# Pics of my Great Dane, Chloe



## GreatDaneMom (Sep 21, 2007)

Hi, im new and i was told you guys wanted some pics of Great Danes. well, shes only 6months old right now, but shes still a dane!


----------



## starry15 (Jan 20, 2007)

nice pic! thanks for sharing


----------



## Durbkat (Jun 26, 2007)

Wow he's huge!  Everyone is gonna flip after seeing these pics, I believe you are our first great dane owner on here!


----------



## Inga (Jun 16, 2007)

Very cool photos. I have a few friends that have Danes, I love them but my house is too small. They need and even bigger turning radius then a Rottweiler. LOL Really cool dogs though.


----------



## the-tenth (Jun 29, 2007)

Yay. Great looking dog. Lovin the big dogs.


----------



## SammyDog (May 21, 2007)

Your eyes are stunningly blue, I wish my eyes are blue  And gorgeous dog, big dogs rock!


----------



## Durbkat (Jun 26, 2007)

The person could be wearing colored contacts.  I know this weird girl that had purple colored contacts so her eyes were purple. lol


----------



## GreatDaneMom (Sep 21, 2007)

Durbkat said:


> The person could be wearing colored contacts.  I know this weird girl that had purple colored contacts so her eyes were purple. lol


oh great so now im weird because i have colored contacts! thanks! yeah theyre contacts, my eyes are actually really really dark brown, almost black. i have a few colors. and thanks for the comments guys, thats my little world there! love her to death!


----------



## Durbkat (Jun 26, 2007)

I wasn't saying your weird, I was saying the girl with the purple contacts was. I like the contacts.


----------



## Mdawn (Mar 3, 2007)

Chloe is gorgeous!! Durb is right about us flipping out over a Dane!! At least me anyway!!  I have an English Mastiff who is also 6 months and its nice for us large and giant breed owners to have others to compare notes with. We also have a few Saint owners as well on here. 
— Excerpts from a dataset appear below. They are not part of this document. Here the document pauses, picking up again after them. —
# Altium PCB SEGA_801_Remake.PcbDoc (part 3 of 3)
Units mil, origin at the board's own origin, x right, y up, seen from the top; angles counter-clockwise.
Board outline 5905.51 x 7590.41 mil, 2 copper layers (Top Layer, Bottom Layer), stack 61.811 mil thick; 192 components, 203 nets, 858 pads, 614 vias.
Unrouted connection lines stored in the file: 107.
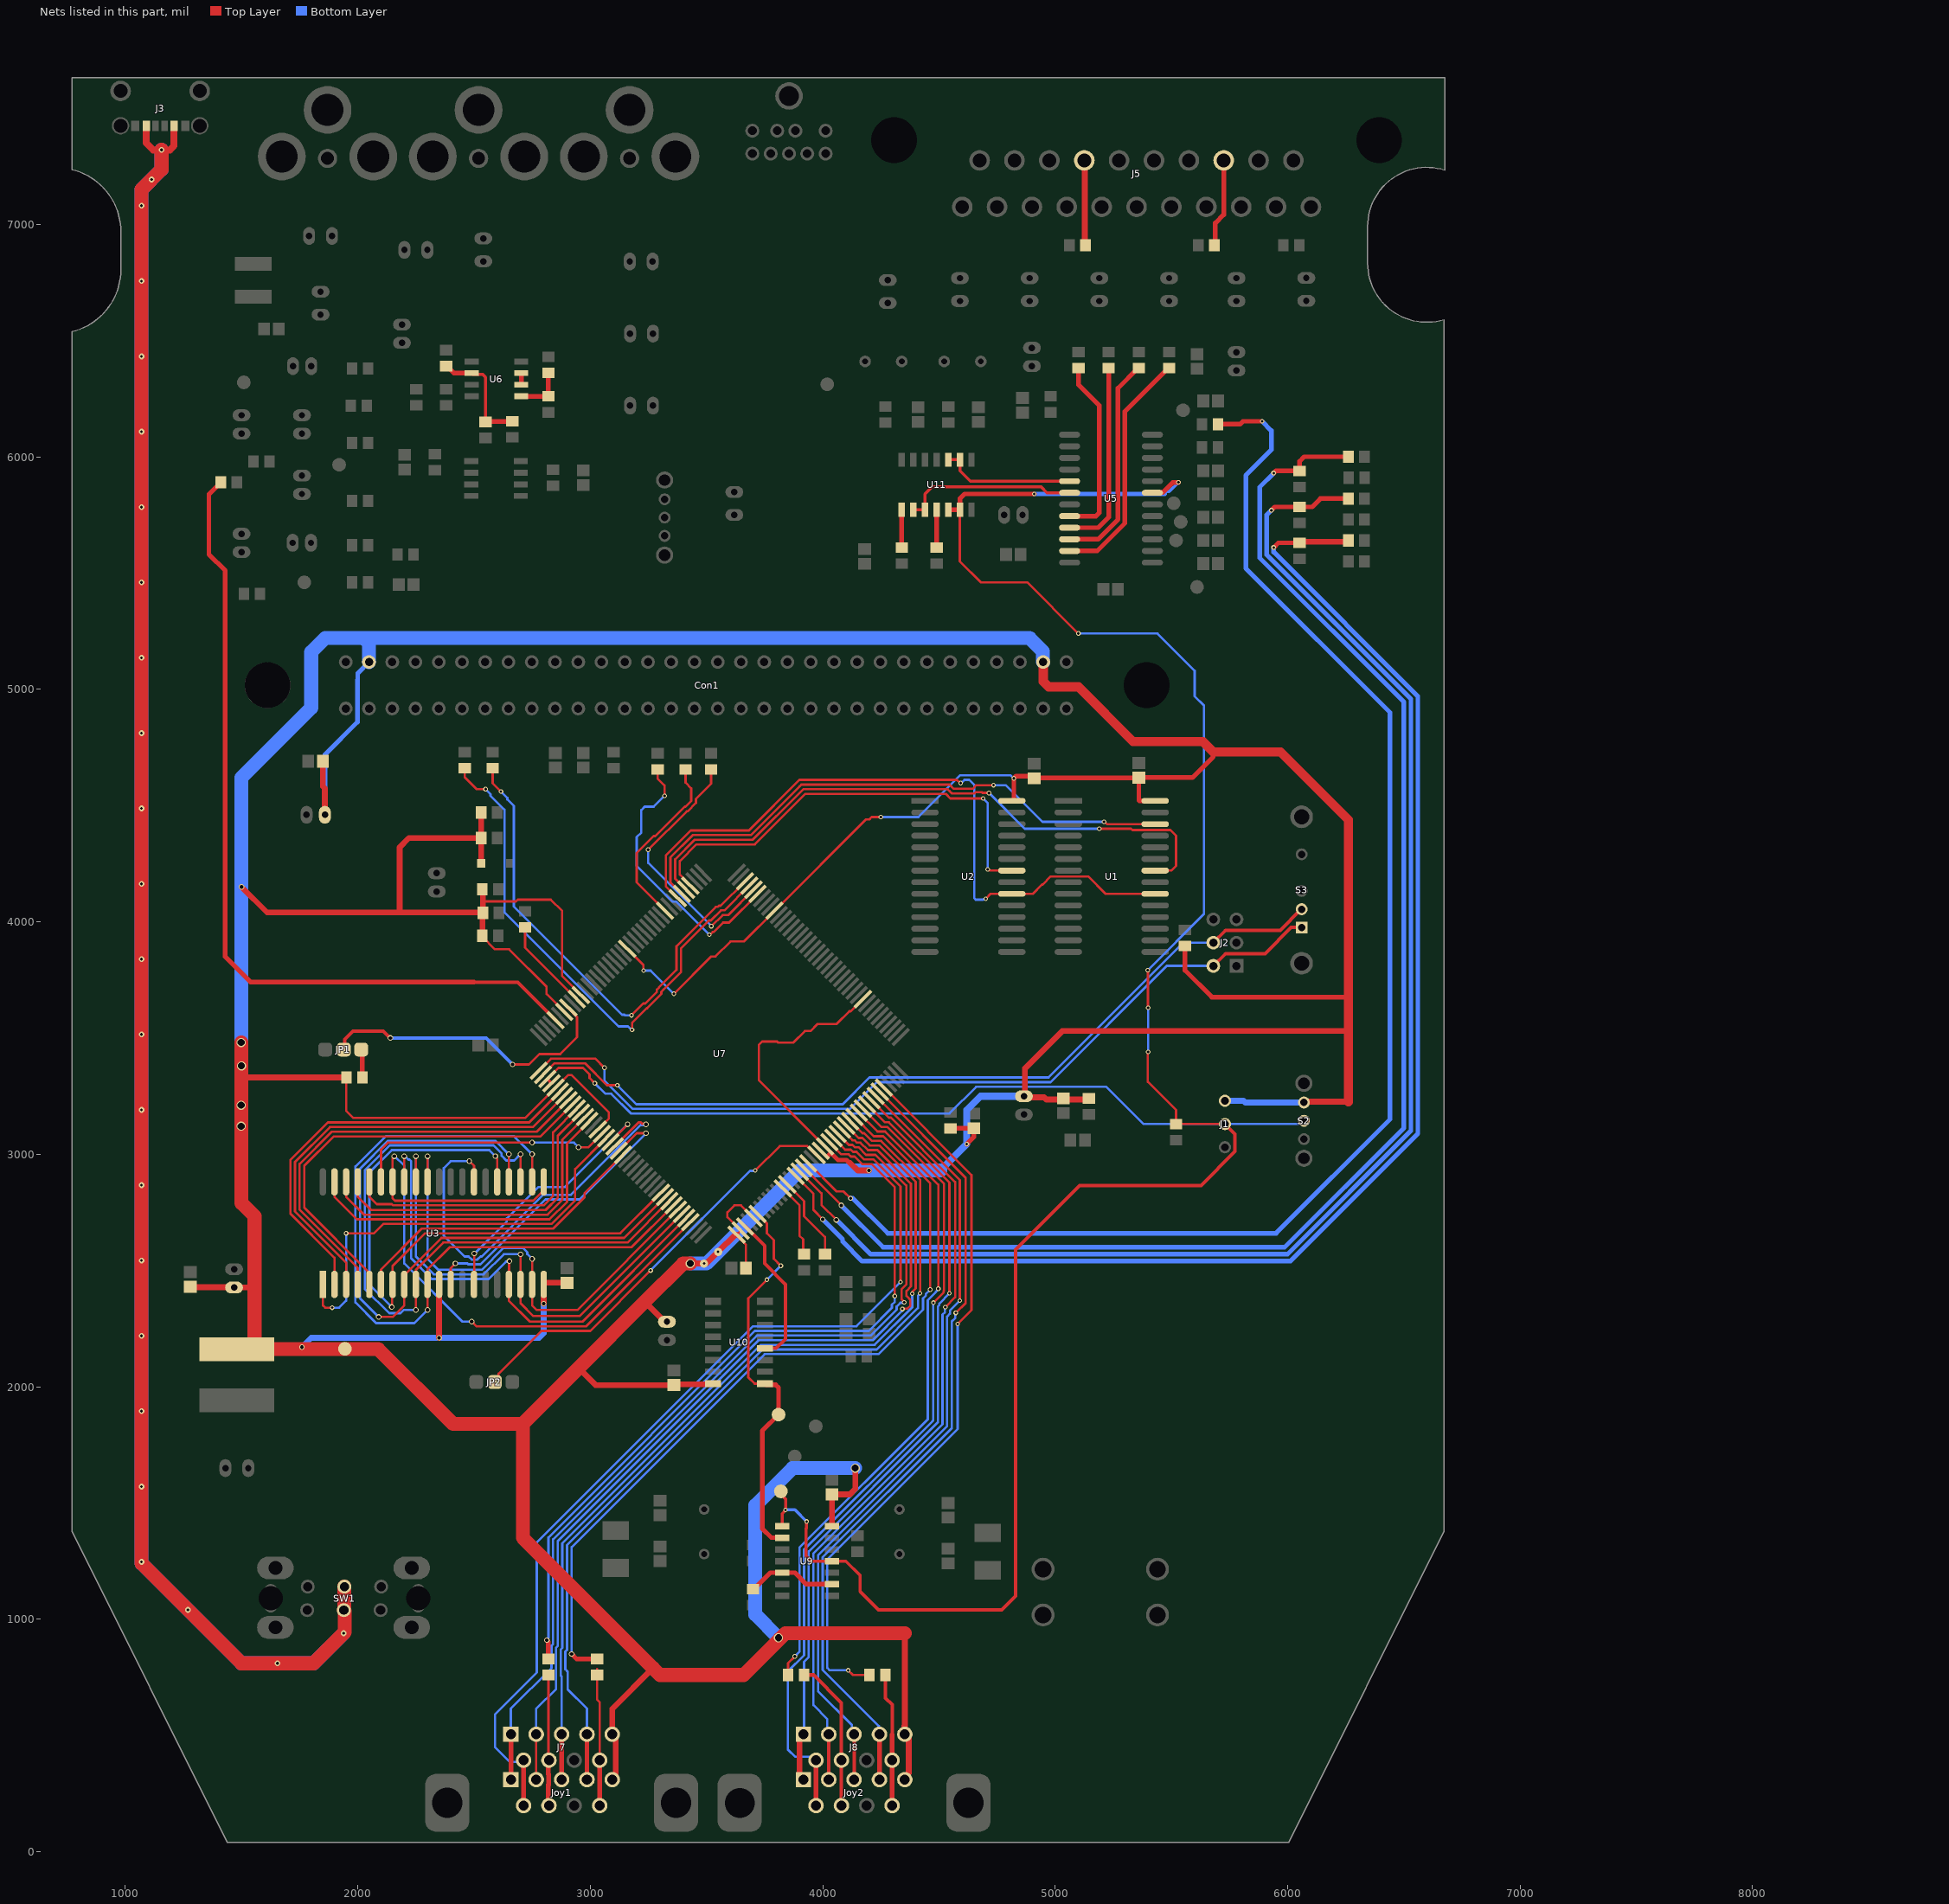
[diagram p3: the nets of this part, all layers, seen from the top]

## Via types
v1: diameter 25, hole 12, Top Layer to Bottom Layer, tented both sides, 269 vias
v2: diameter 19.68, hole 11.81, Top Layer to Bottom Layer, tented both sides, 183 vias
v3: diameter 31.5, hole 11.81, Top Layer to Bottom Layer, tented both sides, 82 vias
v4: diameter 23.62, hole 15.75, Top Layer to Bottom Layer, tented both sides, 36 vias
v5: diameter 35.43, hole 11.81, Top Layer to Bottom Layer, tented both sides, 35 vias
v6: diameter 39, hole 30, Top Layer to Bottom Layer, tented both sides, 7 vias
v7: diameter 19.68, hole 11.81, Top Layer to Bottom Layer, 2 vias

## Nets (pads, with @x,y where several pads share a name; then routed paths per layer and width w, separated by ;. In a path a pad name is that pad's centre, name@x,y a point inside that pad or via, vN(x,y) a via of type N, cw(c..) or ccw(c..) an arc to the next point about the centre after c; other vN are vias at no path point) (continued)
NetJ1_2: J1.2 R53.1 S2.2 TP4.1 U5.7 U7.3 U7.4 U9.1 U9.11 U11.5 U11.6 | length 12697.9
  Top Layer w10: U7.3@2815.27,3323.15 2815.67,3323.15 2863.53,3371.01 2969.25,3371.01 2997.41,3342.86 2997.41,3327.75 v2(3020,3305.16) ; U11.6@4590,5772.72 4590,5550 4680,5460 4880,5460 v2(5100,5240) ; v2(5398.29,3791.71) 5399.15,3790.85 5399.15,3630.85 v2(5400,3630) ; v2(5400,3440) 5398.29,3438.29 5398.29,3311.71 5520,3190 R53.1@5520,3128.9 5521.1,3130 J1.2@5730,3130
  Top Layer w13: U7.3@2815.27,3323.15 U7.4@2833.37,3305.05 ; TP4.1@3820,1550 3820,1537.54 3840,1517.54 v2(3840,1470) 3840,1468.19 3825.43,1453.62 U9.1@3825.43,1400 ; v2(3930.79,1420) 3929.51,1418.72 3929.51,1390.97 3927.44,1388.9 3927.44,1272.56 3950,1250 U9.11@4040,1250 4100,1250 4160,1190 4160,1120 4240,1040
  Top Layer w15: 4240,1040 4770,1040 4830,1100 4830,2589.8 5105.41,2865.22 5627.07,2865.22 5773.74,3011.88 5773.74,3086.26 J1.2@5730,3130
  Top Layer w20: U11.5@4540,5772.72 U11.6@4590,5772.72 4590,5820 4610,5840 v2(4910,5840) ; U5.7@5418.15,5845 5419.22,5846.07 5462.28,5846.07 5506.21,5890 v2(5530,5890)
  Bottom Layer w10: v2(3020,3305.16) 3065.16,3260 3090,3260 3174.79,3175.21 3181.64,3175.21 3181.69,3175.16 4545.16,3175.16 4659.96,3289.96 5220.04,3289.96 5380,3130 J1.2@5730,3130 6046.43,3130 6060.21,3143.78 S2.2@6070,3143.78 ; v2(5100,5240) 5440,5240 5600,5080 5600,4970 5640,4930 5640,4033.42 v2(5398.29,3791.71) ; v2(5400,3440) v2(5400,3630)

How tall is Chloe and her weight at six months? At some point _way_ down the road, I'd LOVE to have a Dane. Also, we have another member, sillylilykitty, who really interested in getting a Dane at some point, I believe.


----------



## GreatDaneMom (Sep 21, 2007)

Haha, well we are actually looking into getting another dane already. i would really like a harlequin (cow) for the next one. my boyfriend is also looking at fawns. but harls are just very original looking. right now Chloe is 22inches at the withers (shoulders) and 45lbs. she supposed to be 60lbs at the least, but because she had HOD, she couldnt have a lot of weight on her, nor would she eat when she first got it. also she didnt walk for 3 months so a lot of the muscle isnt there, but she is gaining that. her father was very very large, and so was her mother, we are estimating at her rate of growth so far, she will be about 30inches + at the withers, and about 135-140lbs.


----------



## all4thedogs (Sep 25, 2006)

Chloe is beautiful!! Im sorry to hear about her HOD, unfortunatly it is common in this breed!

I have a Dane boy, Ryder. He is 37" at the withers and 160lbs, but could stand to put more on. He is just now filling out and will be 3 in November

I also do some fostering for a local rescue and some personal rescue too. I love this breed!!


----------



## Mdawn (Mar 3, 2007)

Is HOD a bone disease or something? I'm not very familiar with it. I'm glad that she is starting to feel better though. I'm sure it was just an awful, worry filled time for you.  

I know what you mean by wanting another. After we got Uallis, my Mastiff, we realized that we our true Mastiff lovers and will always have one in our lives. It has definitely been a learning experience and very rewarding. We also decided that we _had_ to have another but we want to wait for our younger dogs to grow up a bit as 2 of them are really young and do some renovations on our house first. We need more room for these large dogs!  Uallis, my Mastiff, is at 6 months around 26 inches tall and over 100 lbs. So more room is really needed!  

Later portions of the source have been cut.